Linux: Instalação de um proxy transparente com Squid

Para configurar Squid e iptables eu vou mostrar abaixo um passo a passo bem simples de fazer.

Este proxy é transparente a fim de facilitar a navegação do usuário sem que ele precise se autenticar no navegador.

Minha configuração:
– System: HP dual Xeon CPU system with 8 GB RAM (good for squid).Sistema: sistema de CPU dual Xeon HP com 8 GB de RAM (bom para squid).
– ii) Eth0: IP:192.168.1.1Eth0: IP: 192.168.1.1
– iii) Eth1: IP: 192.168.2.1 (192.168.2.0/24 network (around 150 windows XP systems))Eth1: IP: 192.168.2.1 (192.168.2.0/24 rede (cerca de 150 sistemas Windows XP))
– iv) OS: Red Hat Enterprise Linux 4.0 (Following instruction should work with Debian and all other Linux distros)Sistema: Red Hat Enterprise Linux 4.0 ou acima (sequência de instruções deve trabalhar com Debian e todas as outras distribuições Linux)

Configuração do servidor

  • Step #1 : Squid configuration so that it will act as a transparent proxy Etapa # 1: configuração do Squid para que ele vai agir como um proxy transparente
  • Step #2 : Iptables configuration Etapa # 2: Configuração Iptables
    • a) Configure system as router a) Sistema Configure como router
    • b) Forward all http requests to 3128 (DNAT) b) Encaminhar todas as solicitações HTTP para 3128 (DNAT)
  • Step #3: Run scripts and start squid service Etapa # 3: Execute scripts e iniciar o serviço squid

Para instalação em sistemas baseados em RED HAT por exemplo Centos use o YUM

Yum install squid

Para instalação em sistema baseados em Debian use o apt-get ou aptitude

Apt-get ou aptitude install squid

Bom depois de instalado o Squid vamos para os arquivos de configuração do squid.
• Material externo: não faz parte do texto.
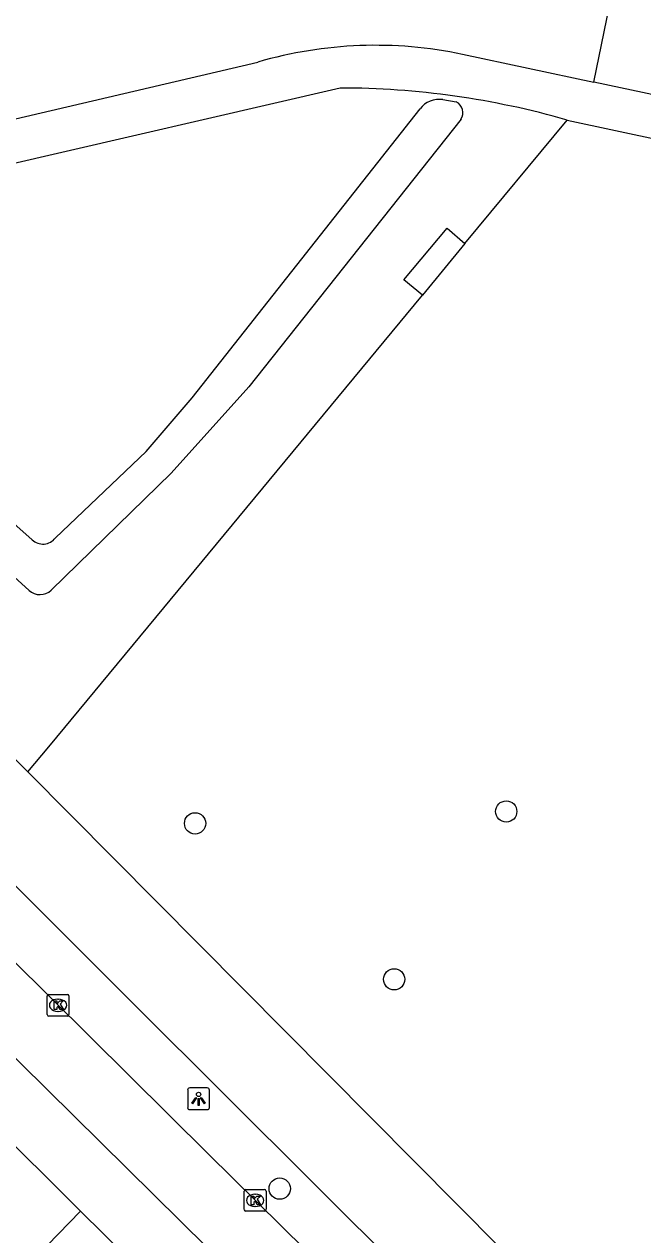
# Model space of a CAD drawing. Extents: x 157767 to 159171, y 387842 to 389425.
# Drawn here: x 158847.2 to 158875.7, y 388627.2 to 388682.8 of the extents above; entities that cross this region are included whole.
import ezdxf

# ---------------------------------------------------------------- set-up
doc = ezdxf.new("R2010")
doc.units = 0
for name, color, linetype in [('IMGEO_Boom', 7, 'Continuous'), ('IMGEO_Fietspad_gesloten', 7, 'Continuous'), ('IMGEO_Groenvoorziening', 7, 'Continuous'), ('IMGEO_Kolk', 7, 'Continuous'), ('IMGEO_Lichtpunt', 7, 'Continuous'), ('IMGEO_Pand', 7, 'Continuous'), ('IMGEO_Voetpad_gesloten', 7, 'Continuous'), ('IMGEO_Voetpad_open', 7, 'Continuous'), ('IMGEO_Waterloop', 7, 'Continuous')]:
    doc.layers.add(name, color=color, linetype=linetype)

msp = doc.modelspace()

# ---------------------------------------------------------------- linework, layer by layer
at = {"layer": 'IMGEO_Boom'}
for centre in [(158869.387, 388646.656), (158855.096, 388646.108), (158864.24, 388638.943), (158858.984, 388629.327)]:
    msp.add_circle(centre, 0.489, dxfattribs=at)
at = {"layer": 'IMGEO_Fietspad_gesloten'}
for points in [[(158826.059, 388659.809), (158830.167, 388657.971), (158839.65, 388650.427), (158852.321, 388637.762), (158872.967, 388617.185)], [(158847.414, 388648.473), (158845.428, 388650.459), (158840.383, 388654.989), (158834.525, 388659.875)], [(158876.988, 388618.656), (158847.414, 388648.473)]]:
    msp.add_lwpolyline(points, dxfattribs=at)
at = {"layer": 'IMGEO_Groenvoorziening'}
for points in [[(158873.408, 388680.171), (158874.959, 388687.723), (158823.477, 388698.959), (158819.185, 388688.005)], [(158867.491, 388672.751), (158872.188, 388678.431)], [(158847.414, 388648.473), (158848.374, 388649.634), (158865.537, 388670.388)]]:
    msp.add_lwpolyline(points, dxfattribs=at)
at = {"layer": 'IMGEO_Kolk'}
for p, q in [((158848.3, 388637.325), (158848.3, 388638.177)), ((158848.375, 388638.251), (158849.227, 388638.251)), ((158848.788, 388638.031), (158848.813, 388638.031)), ((158849.301, 388638.177), (158849.301, 388637.325)), ((158848.811, 388637.471), (158848.786, 388637.471)), ((158849.227, 388637.251), (158848.375, 388637.251)), ((158857.355, 388628.358), (158857.355, 388629.21)), ((158857.43, 388629.284), (158858.282, 388629.284)), ((158858.356, 388629.21), (158858.356, 388628.358)), ((158857.843, 388629.064), (158857.868, 388629.064)), ((158858.282, 388628.284), (158857.43, 388628.284)), ((158857.866, 388628.504), (158857.841, 388628.504))]:
    msp.add_line(p, q, dxfattribs=at)
for points in [[(158848.3, 388637.325), (158848.3, 388638.177)], [(158848.375, 388638.251), (158849.227, 388638.251)], [(158849.301, 388638.177), (158849.301, 388637.325)], [(158848.621, 388637.951), (158848.744, 388637.951), (158848.744, 388637.8), (158848.874, 388637.951), (158849.038, 388637.951), (158848.892, 388637.8), (158849.045, 388637.551), (158848.893, 388637.551), (158848.808, 388637.715), (158848.744, 388637.648), (158848.744, 388637.551), (158848.621, 388637.551), (158848.621, 388637.951)], [(158849.227, 388637.251), (158848.375, 388637.251)], [(158857.355, 388628.358), (158857.355, 388629.21)], [(158857.43, 388629.284), (158858.282, 388629.284)], [(158858.356, 388629.21), (158858.356, 388628.358)], [(158857.676, 388628.984), (158857.799, 388628.984), (158857.799, 388628.833), (158857.929, 388628.984), (158858.093, 388628.984), (158857.947, 388628.833), (158858.1, 388628.584), (158857.948, 388628.584), (158857.863, 388628.748), (158857.799, 388628.681), (158857.799, 388628.584), (158857.676, 388628.584), (158857.676, 388628.984)], [(158858.282, 388628.284), (158857.43, 388628.284)]]:
    msp.add_lwpolyline(points, dxfattribs=at)
for centre, start, end in [((158848.377, 388638.175), 91.552, 178.448), ((158848.377, 388638.175), 91.552, 178.448), ((158849.225, 388638.175), 1.552, 88.448), ((158849.225, 388638.175), 1.552, 88.448), ((158848.377, 388637.327), 181.552, 268.448), ((158848.377, 388637.327), 181.552, 268.448), ((158849.225, 388637.327), 271.552, 358.448), ((158849.225, 388637.327), 271.552, 358.448), ((158857.432, 388629.208), 91.552, 178.448), ((158857.432, 388629.208), 91.552, 178.448), ((158858.28, 388629.208), 1.552, 88.448), ((158858.28, 388629.208), 1.552, 88.448), ((158857.432, 388628.36), 181.552, 268.448), ((158857.432, 388628.36), 181.552, 268.448), ((158858.28, 388628.36), 271.552, 358.448), ((158858.28, 388628.36), 271.552, 358.448)]:
    msp.add_arc(centre, 0.0765, start, end, dxfattribs=at)
for centre, major_axis, ratio, start_param, end_param in [((158848.787, 388637.751), (-0.387, 0.002), 0.722429, 4.712389, 7.853982), ((158848.812, 388637.751), (-0.39, 0.002), 0.717154, 1.570796, 4.712389), ((158857.842, 388628.784), (-0.387, 0.002), 0.722429, 4.712389, 7.853982), ((158857.867, 388628.784), (-0.39, 0.002), 0.717154, 1.570796, 4.712389)]:
    msp.add_ellipse(centre, major_axis=major_axis, ratio=ratio, start_param=start_param, end_param=end_param, dxfattribs=at)
at = {"layer": 'IMGEO_Lichtpunt'}
for p, q in [((158854.754, 388633.855), (158854.754, 388633.048)), ((158854.754, 388633.855), (158854.754, 388633.048)), ((158855.656, 388633.95), (158854.848, 388633.95)), ((158855.656, 388633.95), (158854.848, 388633.95)), ((158855.75, 388633.048), (158855.75, 388633.855)), ((158855.75, 388633.048), (158855.75, 388633.855)), ((158854.848, 388632.954), (158855.656, 388632.954)), ((158854.848, 388632.954), (158855.656, 388632.954))]:
    msp.add_line(p, q, dxfattribs=at)
for points in [[(158855.128, 388633.519), (158855.167, 388633.491), (158854.979, 388633.229), (158854.941, 388633.256), (158855.128, 388633.519)], [(158855.23, 388633.471), (158855.277, 388633.471), (158855.277, 388633.149), (158855.23, 388633.149), (158855.23, 388633.471)], [(158855.34, 388633.491), (158855.378, 388633.518), (158855.565, 388633.256), (158855.526, 388633.228), (158855.34, 388633.491)]]:
    msp.add_lwpolyline(points, dxfattribs=at)
msp.add_circle((158855.253, 388633.653), 0.0994, dxfattribs=at)
for centre, start, end in [((158854.848, 388633.855), 90, 180), ((158854.848, 388633.855), 90, 180), ((158855.656, 388633.855), 0, 90), ((158855.656, 388633.855), 0, 90), ((158854.848, 388633.048), 180, 270), ((158854.848, 388633.048), 180, 270), ((158855.656, 388633.048), 270, 0), ((158855.656, 388633.048), 270, 360)]:
    msp.add_arc(centre, 0.0946, start, end, dxfattribs=at)
at = {"layer": 'IMGEO_Pand'}
for points in [[(158845.595, 388632.496), (158849.836, 388628.296)], [(158843.694, 388621.973), (158849.836, 388628.296)], [(158849.836, 388628.296), (158854.102, 388624.072)]]:
    msp.add_lwpolyline(points, dxfattribs=at)
at = {"layer": 'IMGEO_Voetpad_gesloten'}
for points in [[(158867.384, 388681.45), (158873.408, 388680.171)], [(158844.207, 388677.866), (158857.983, 388681.097)], [(158861.76, 388679.902), (158846.113, 388676.278)], [(158938.334, 388650.458), (158935.14, 388658.413), (158934.439, 388659.966), (158933.602, 388661.45), (158932.635, 388662.854), (158931.547, 388664.165), (158930.347, 388665.375), (158929.043, 388666.472), (158927.646, 388667.448), (158926.167, 388668.295), (158924.619, 388669.007), (158923.014, 388669.578), (158922.14, 388669.823), (158873.408, 388680.171)], [(158872.188, 388678.431), (158921.973, 388667.779)]]:
    msp.add_lwpolyline(points, dxfattribs=at)
for centre, radius, start, end in [((158863.391, 388662.432), 19.432, 78.1421, 106.1587), ((158861.695, 388641.746), 38.156, 74.0384, 89.9029)]:
    msp.add_arc(centre, radius, start, end, dxfattribs=at)
at = {"layer": 'IMGEO_Voetpad_open'}
for points in [[(158865.537, 388670.388), (158864.682, 388671.091), (158866.68, 388673.465), (158867.491, 388672.751)], [(158867.491, 388672.751), (158865.537, 388670.388)], [(158841.179, 388645.31), (158855.71, 388630.903), (158870.24, 388616.57)], [(158871.583, 388610.87), (158838.465, 388643.575)]]:
    msp.add_lwpolyline(points, dxfattribs=at)
at = {"layer": 'IMGEO_Waterloop'}
for points in [[(158866.478, 388679.369), (158867.088, 388679.261)], [(158852.847, 388663.206), (158854.956, 388665.659), (158865.427, 388678.943)], [(158867.31, 388678.466), (158857.564, 388666.169), (158854.001, 388662.201), (158848.483, 388656.825)], [(158837.2, 388668.404), (158847.614, 388659.139)], [(158847.469, 388656.814), (158835.962, 388667.293)], [(158848.675, 388659.226), (158852.847, 388663.206)]]:
    msp.add_lwpolyline(points, dxfattribs=at)
for centre, radius, start, end in [((158866.309, 388678.276), 1.106, 81.232, 142.8962), ((158866.853, 388678.767), 0.547, 326.6409, 64.5634), ((158848.105, 388659.662), 0.718, 226.81, 322.5653), ((158847.97, 388657.375), 0.752, 228.2517, 312.9913)]:
    msp.add_arc(centre, radius, start, end, dxfattribs=at)

doc.saveas('drawing.dxf')

Tanto nos sistemas baseados em Redhat e no Debian os arquivos ficam em /etc

Va em

# Vi /etc/squid/squid.conf

É esperto ou nube como chamam por ai, então faça o backup antes

cp squid.conf para squid.conf.datadobackup

Beleza? Agora que sabe fazer backup dos arquivos de conf. Vamos no squid.conf

httpd_accel_host virtual
httpd_accel_port 80
httpd_accel_with_proxy on
httpd_accel_uses_host_header on
acl lan src 192.168.1.1 192.168.2.0/24
http_access allow localhost
http_access allow lan
  • httpd_accel_host virtual: Squid como acelerador httpd
  • httpd_accel_port 80: 80 é a porta que você deseja atuar como um proxy
  • httpd_accel_with_proxy em: ato Squid tanto como um acelerador httpd local e como um proxy.
  • httpd_accel_uses_host_header em: Header está ligado, que é o nome do host da URL.
  • acl lan src 192.168.1.1 192.168.2.0/24: lista de controle de acesso, só permitem que computadores da rede local para usar squid
  • http_access allow localhost: acesso Squid para LAN e localhost ACL única
  • http_access allow lan: – mesmo que acima –

Aqui está a lista completa de squid.conf para sua referência (grep irá remover todos os comentários e sed irá remover todas as linhas vazias, graças a David Klein para a dica rápida):

# Grep -v “^ #” /etc/squid/squid.conf | sed -e ‘/ ^ $ / d’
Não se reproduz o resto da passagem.